__Task prompt__: Your answer should be the lines of the material that include the word "lineweight".

__Provided entries__:
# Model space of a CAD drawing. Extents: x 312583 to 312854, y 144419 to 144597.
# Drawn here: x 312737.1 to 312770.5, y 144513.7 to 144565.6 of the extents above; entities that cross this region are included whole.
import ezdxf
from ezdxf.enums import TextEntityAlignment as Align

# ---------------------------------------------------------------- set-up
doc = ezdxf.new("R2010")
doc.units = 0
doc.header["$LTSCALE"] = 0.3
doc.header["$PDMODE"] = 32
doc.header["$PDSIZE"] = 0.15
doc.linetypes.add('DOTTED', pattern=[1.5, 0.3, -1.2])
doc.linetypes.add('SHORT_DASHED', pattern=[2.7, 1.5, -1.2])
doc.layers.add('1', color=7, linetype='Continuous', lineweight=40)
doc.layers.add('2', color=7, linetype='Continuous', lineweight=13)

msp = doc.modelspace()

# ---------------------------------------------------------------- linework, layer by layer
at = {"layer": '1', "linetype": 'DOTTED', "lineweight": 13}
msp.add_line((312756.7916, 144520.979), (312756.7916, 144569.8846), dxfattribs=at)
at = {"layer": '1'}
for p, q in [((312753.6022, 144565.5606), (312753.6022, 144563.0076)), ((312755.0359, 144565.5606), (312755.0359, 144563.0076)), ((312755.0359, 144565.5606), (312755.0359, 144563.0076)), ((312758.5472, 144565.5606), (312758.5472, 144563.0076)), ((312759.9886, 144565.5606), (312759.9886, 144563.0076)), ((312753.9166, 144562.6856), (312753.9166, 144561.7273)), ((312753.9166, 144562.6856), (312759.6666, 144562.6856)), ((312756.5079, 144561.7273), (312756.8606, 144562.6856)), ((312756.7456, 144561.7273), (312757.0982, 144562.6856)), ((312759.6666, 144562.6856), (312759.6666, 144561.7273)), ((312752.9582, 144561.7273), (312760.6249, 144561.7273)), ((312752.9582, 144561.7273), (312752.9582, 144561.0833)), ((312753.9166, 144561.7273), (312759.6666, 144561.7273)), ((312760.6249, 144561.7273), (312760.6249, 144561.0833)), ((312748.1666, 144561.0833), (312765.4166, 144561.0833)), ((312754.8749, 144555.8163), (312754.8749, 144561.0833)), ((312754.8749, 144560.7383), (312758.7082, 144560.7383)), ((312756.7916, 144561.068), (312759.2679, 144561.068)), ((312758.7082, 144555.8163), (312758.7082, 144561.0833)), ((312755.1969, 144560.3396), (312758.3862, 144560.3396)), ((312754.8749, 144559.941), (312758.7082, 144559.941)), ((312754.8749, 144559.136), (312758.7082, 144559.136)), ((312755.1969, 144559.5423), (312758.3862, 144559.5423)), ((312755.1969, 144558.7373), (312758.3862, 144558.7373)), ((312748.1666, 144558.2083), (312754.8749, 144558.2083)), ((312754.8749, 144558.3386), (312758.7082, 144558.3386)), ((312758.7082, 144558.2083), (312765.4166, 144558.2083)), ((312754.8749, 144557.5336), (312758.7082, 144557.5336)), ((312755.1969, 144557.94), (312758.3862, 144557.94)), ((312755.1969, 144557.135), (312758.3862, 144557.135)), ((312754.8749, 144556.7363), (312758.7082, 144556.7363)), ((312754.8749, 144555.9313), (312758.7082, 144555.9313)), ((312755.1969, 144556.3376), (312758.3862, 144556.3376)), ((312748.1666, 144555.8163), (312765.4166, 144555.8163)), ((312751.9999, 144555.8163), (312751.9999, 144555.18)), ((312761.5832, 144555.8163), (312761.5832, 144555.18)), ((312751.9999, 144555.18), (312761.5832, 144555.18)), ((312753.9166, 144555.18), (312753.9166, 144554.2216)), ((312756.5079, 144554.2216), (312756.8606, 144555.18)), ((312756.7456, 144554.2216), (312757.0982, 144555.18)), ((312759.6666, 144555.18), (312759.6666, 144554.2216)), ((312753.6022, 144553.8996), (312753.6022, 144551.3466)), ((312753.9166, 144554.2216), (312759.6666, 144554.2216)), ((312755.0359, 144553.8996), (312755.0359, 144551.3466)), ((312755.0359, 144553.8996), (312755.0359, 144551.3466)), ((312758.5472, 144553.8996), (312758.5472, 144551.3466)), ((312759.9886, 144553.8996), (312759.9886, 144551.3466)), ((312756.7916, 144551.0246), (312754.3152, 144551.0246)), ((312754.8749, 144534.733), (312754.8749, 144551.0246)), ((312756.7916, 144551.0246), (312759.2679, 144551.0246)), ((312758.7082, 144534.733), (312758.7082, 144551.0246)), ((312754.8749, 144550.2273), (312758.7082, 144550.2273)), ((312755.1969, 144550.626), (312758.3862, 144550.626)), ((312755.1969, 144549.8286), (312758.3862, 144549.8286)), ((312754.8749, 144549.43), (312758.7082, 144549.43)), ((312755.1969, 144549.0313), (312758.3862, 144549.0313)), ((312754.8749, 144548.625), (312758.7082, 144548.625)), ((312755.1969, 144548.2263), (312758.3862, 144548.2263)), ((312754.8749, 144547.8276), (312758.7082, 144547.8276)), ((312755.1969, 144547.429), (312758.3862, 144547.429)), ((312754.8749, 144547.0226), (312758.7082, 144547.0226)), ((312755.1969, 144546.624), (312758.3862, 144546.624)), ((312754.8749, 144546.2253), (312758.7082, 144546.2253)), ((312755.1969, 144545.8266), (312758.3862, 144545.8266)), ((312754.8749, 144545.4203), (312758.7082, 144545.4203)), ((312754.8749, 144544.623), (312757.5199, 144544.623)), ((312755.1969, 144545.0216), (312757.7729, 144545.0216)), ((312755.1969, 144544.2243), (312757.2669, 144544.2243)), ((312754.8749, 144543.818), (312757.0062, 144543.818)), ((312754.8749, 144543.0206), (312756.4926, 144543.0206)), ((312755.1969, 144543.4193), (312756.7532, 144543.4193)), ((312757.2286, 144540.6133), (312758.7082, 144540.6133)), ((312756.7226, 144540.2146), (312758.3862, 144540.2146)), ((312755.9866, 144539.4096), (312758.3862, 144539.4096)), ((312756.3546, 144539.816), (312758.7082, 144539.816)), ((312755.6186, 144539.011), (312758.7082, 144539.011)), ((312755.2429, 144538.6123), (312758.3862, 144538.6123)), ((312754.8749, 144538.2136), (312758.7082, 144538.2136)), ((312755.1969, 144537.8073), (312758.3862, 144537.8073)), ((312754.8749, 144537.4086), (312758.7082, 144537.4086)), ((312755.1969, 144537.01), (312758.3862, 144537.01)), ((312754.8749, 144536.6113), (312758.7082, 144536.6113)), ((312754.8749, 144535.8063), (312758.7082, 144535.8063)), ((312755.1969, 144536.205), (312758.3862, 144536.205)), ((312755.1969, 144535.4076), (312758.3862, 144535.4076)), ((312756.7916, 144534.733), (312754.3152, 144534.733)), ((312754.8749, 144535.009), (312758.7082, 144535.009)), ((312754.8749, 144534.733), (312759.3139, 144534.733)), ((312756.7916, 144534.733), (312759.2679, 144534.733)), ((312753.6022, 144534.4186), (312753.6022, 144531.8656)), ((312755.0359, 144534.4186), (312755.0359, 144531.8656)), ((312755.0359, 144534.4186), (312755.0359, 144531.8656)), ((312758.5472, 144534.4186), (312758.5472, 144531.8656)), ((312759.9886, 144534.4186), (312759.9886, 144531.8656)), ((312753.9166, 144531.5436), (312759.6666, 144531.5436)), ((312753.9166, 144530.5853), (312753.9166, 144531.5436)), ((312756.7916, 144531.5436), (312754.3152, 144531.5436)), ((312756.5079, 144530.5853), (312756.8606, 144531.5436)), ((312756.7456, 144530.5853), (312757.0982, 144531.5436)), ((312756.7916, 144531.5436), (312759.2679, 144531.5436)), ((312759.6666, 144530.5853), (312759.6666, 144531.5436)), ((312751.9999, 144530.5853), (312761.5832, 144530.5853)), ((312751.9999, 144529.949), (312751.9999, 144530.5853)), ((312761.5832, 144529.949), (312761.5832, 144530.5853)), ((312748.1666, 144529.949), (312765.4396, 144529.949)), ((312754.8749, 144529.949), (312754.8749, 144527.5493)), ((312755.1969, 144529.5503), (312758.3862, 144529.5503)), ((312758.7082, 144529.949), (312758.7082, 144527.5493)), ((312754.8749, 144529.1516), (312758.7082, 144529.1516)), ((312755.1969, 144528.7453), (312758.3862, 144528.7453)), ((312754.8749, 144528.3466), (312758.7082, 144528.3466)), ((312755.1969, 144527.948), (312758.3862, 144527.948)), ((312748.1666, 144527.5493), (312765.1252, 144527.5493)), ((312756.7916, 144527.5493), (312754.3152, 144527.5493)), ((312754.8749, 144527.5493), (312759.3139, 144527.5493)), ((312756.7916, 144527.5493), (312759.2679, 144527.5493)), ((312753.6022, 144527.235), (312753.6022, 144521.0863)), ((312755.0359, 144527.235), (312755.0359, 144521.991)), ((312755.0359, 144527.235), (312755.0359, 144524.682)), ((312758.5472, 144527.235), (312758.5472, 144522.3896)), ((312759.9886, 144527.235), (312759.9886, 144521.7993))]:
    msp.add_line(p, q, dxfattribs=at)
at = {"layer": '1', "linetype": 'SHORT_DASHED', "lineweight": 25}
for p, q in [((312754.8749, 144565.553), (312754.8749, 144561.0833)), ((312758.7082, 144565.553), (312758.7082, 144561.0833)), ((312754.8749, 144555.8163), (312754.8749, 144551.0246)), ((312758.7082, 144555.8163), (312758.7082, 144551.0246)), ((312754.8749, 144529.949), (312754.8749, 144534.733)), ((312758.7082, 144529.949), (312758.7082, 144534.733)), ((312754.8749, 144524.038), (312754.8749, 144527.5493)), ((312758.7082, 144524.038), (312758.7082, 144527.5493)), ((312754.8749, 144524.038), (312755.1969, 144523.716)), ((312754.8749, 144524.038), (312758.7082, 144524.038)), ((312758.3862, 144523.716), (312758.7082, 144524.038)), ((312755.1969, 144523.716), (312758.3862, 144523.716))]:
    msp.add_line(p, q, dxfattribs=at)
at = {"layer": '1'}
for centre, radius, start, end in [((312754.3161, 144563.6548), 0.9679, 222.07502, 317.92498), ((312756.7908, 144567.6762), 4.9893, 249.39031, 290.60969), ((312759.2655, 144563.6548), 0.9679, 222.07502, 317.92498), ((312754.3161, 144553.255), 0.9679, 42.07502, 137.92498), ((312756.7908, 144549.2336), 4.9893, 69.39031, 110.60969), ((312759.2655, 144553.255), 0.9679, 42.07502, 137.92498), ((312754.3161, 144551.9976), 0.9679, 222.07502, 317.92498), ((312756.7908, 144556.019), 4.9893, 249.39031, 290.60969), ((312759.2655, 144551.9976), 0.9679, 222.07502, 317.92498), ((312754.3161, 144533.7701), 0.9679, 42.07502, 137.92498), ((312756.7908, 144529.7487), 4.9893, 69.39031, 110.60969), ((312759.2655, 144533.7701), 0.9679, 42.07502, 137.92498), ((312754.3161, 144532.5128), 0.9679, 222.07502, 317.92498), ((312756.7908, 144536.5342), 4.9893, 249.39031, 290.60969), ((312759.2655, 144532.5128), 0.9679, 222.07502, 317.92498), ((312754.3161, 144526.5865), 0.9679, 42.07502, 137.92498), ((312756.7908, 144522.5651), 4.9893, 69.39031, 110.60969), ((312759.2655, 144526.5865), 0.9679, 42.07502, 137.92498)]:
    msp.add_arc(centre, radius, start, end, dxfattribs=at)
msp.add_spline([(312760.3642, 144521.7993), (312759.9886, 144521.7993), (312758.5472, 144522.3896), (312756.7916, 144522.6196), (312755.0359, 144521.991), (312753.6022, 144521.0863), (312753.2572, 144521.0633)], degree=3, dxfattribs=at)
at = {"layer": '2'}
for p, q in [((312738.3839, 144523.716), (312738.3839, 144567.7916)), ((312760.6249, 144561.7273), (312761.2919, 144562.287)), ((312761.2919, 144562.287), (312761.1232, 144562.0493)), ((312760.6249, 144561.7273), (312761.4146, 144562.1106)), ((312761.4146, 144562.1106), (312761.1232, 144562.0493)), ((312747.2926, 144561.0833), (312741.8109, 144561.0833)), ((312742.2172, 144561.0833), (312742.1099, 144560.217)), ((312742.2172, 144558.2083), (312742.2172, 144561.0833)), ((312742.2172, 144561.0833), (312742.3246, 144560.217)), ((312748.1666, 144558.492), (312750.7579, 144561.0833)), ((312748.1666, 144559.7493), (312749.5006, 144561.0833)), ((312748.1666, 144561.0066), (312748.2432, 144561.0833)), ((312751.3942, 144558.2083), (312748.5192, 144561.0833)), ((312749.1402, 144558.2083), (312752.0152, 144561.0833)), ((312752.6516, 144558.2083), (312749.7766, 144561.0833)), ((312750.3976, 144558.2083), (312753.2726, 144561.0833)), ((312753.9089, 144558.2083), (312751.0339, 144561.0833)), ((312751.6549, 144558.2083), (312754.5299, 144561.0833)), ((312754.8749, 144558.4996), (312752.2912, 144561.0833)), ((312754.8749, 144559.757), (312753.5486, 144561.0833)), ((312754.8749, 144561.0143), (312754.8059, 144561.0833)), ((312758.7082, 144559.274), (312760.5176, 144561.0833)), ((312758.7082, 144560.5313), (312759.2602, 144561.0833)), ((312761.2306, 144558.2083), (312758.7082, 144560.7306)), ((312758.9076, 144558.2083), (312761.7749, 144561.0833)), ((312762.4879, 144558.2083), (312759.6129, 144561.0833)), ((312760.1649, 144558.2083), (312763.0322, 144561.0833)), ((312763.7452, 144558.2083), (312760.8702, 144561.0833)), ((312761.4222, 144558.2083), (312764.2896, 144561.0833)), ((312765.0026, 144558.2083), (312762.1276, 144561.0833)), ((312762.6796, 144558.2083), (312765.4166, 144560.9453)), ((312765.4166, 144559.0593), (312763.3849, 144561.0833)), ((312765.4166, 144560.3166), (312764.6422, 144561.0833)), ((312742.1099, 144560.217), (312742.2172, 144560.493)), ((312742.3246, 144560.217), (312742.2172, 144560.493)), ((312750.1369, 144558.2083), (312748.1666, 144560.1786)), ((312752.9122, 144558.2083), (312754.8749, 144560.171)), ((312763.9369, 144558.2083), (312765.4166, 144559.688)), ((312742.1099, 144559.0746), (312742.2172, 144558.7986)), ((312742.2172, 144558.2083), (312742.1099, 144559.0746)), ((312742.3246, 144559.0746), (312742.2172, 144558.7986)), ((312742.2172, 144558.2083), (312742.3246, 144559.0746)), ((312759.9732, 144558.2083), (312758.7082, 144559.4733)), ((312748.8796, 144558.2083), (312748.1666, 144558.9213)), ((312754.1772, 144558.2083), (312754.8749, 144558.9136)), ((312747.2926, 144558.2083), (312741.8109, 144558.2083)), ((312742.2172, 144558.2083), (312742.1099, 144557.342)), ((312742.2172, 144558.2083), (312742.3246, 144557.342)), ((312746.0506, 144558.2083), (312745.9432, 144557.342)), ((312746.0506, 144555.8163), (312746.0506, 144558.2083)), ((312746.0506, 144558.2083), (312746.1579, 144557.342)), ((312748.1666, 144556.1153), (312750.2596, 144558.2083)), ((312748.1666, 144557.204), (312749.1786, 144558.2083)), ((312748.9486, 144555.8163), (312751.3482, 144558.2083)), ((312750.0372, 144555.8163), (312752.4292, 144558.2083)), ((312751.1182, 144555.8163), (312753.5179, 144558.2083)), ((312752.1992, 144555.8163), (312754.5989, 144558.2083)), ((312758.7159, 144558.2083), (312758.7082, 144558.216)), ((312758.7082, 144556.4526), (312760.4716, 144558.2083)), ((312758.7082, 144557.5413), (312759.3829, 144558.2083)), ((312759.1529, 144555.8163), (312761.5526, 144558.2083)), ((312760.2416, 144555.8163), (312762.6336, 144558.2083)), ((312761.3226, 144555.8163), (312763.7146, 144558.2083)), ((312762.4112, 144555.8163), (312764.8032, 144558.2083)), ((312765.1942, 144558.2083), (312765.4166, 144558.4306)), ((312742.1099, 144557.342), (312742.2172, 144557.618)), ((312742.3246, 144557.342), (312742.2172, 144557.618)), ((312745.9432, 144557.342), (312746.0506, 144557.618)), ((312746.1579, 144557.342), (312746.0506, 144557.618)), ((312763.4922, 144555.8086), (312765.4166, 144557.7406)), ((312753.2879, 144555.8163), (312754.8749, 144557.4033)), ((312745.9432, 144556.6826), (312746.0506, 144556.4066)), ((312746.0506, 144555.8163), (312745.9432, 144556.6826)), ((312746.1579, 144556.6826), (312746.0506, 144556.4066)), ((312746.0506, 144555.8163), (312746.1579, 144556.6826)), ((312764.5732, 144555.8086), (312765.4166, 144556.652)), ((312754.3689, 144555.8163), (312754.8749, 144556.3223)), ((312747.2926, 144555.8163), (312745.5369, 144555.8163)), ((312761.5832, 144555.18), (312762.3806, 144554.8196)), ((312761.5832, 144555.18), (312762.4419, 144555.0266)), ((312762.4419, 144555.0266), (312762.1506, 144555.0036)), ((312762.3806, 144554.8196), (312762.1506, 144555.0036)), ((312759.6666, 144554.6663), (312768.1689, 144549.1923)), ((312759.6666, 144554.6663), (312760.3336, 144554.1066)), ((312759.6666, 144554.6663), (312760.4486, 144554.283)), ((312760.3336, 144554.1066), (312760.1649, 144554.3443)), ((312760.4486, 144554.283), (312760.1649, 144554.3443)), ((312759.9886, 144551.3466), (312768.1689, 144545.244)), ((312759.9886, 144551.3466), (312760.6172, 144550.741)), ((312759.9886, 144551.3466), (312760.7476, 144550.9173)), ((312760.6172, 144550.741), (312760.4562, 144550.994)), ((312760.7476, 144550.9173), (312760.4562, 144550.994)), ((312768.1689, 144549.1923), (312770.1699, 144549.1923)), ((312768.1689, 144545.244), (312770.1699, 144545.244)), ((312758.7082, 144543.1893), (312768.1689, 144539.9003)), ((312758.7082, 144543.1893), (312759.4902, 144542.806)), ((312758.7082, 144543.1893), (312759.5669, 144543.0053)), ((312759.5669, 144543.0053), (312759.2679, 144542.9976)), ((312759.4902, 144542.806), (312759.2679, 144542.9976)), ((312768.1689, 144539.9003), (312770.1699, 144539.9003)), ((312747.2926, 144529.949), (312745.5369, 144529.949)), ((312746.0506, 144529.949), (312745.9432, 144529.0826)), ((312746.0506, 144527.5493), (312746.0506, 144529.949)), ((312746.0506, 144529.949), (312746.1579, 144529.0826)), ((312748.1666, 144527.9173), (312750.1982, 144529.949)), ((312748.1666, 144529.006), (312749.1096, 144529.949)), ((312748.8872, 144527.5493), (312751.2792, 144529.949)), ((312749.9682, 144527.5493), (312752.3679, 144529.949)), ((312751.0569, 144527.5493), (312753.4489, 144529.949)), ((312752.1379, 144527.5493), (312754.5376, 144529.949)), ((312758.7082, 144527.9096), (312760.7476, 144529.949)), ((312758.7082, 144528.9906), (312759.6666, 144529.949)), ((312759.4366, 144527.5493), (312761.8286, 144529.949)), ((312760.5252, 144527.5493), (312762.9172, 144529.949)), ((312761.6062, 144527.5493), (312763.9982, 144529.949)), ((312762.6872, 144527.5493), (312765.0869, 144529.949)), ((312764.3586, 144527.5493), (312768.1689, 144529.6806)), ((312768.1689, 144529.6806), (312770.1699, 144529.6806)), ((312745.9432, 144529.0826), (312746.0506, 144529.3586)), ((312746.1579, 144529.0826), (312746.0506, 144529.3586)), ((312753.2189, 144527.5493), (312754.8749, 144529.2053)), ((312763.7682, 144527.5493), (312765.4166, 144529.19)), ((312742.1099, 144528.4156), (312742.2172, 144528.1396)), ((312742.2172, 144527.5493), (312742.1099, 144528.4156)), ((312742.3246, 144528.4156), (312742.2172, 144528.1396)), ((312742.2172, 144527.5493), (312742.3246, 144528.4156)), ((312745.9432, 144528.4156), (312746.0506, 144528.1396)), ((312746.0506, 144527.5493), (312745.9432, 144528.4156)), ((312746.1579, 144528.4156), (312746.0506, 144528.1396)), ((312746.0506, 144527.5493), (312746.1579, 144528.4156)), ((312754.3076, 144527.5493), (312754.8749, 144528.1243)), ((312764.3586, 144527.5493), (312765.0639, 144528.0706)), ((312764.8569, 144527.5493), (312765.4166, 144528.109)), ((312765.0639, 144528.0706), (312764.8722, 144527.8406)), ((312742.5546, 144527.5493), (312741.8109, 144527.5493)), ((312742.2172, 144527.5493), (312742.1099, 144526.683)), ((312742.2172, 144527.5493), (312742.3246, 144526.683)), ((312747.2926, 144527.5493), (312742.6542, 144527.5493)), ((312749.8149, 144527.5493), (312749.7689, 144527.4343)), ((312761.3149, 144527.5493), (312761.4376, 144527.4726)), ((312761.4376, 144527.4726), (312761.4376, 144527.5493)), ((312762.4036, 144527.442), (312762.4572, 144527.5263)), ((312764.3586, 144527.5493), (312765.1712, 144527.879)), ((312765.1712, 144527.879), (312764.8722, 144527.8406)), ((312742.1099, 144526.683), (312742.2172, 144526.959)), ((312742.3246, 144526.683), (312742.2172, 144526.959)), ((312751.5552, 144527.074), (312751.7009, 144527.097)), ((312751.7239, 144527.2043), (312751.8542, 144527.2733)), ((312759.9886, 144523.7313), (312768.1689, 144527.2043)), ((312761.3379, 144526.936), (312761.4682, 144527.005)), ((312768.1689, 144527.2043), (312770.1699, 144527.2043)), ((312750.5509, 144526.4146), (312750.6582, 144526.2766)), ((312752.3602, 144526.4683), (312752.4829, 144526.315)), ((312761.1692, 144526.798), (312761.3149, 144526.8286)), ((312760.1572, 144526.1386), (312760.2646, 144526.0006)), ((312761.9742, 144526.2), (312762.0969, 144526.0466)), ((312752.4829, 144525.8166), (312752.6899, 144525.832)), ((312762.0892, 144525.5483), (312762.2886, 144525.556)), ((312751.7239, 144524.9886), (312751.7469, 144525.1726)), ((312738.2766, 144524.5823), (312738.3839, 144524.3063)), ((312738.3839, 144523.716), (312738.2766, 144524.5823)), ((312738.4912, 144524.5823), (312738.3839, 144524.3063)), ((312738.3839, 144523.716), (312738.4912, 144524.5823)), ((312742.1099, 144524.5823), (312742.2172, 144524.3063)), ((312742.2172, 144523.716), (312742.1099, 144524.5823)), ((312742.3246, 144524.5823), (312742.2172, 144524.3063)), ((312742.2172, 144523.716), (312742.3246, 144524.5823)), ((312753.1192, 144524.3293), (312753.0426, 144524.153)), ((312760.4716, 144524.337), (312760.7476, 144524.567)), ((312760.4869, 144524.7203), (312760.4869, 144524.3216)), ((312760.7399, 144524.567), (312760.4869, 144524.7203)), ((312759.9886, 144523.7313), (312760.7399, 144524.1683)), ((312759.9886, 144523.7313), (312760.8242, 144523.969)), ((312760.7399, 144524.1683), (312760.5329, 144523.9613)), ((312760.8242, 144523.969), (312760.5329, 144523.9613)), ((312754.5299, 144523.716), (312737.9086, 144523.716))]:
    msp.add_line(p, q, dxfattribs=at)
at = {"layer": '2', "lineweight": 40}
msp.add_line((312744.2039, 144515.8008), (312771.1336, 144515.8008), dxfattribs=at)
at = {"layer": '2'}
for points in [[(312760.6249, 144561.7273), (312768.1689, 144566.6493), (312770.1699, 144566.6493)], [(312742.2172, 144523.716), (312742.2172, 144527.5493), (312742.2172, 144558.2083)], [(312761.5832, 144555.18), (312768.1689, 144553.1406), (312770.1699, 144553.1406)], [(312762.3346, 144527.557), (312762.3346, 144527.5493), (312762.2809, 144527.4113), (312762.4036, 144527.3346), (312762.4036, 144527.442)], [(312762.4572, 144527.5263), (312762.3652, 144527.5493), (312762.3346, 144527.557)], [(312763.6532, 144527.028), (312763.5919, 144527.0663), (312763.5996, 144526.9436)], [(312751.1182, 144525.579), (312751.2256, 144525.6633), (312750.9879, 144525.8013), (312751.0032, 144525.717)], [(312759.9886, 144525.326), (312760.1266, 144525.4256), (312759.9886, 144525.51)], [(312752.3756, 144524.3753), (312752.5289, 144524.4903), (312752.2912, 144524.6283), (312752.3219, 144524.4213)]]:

__Solution to this problem__:
doc.layers.add('1', color=7, linetype='Continuous', lineweight=40)
doc.layers.add('2', color=7, linetype='Continuous', lineweight=13)
at = {"layer": '1', "linetype": 'DOTTED', "lineweight": 13}
at = {"layer": '1', "linetype": 'SHORT_DASHED', "lineweight": 25}
at = {"layer": '2', "lineweight": 40}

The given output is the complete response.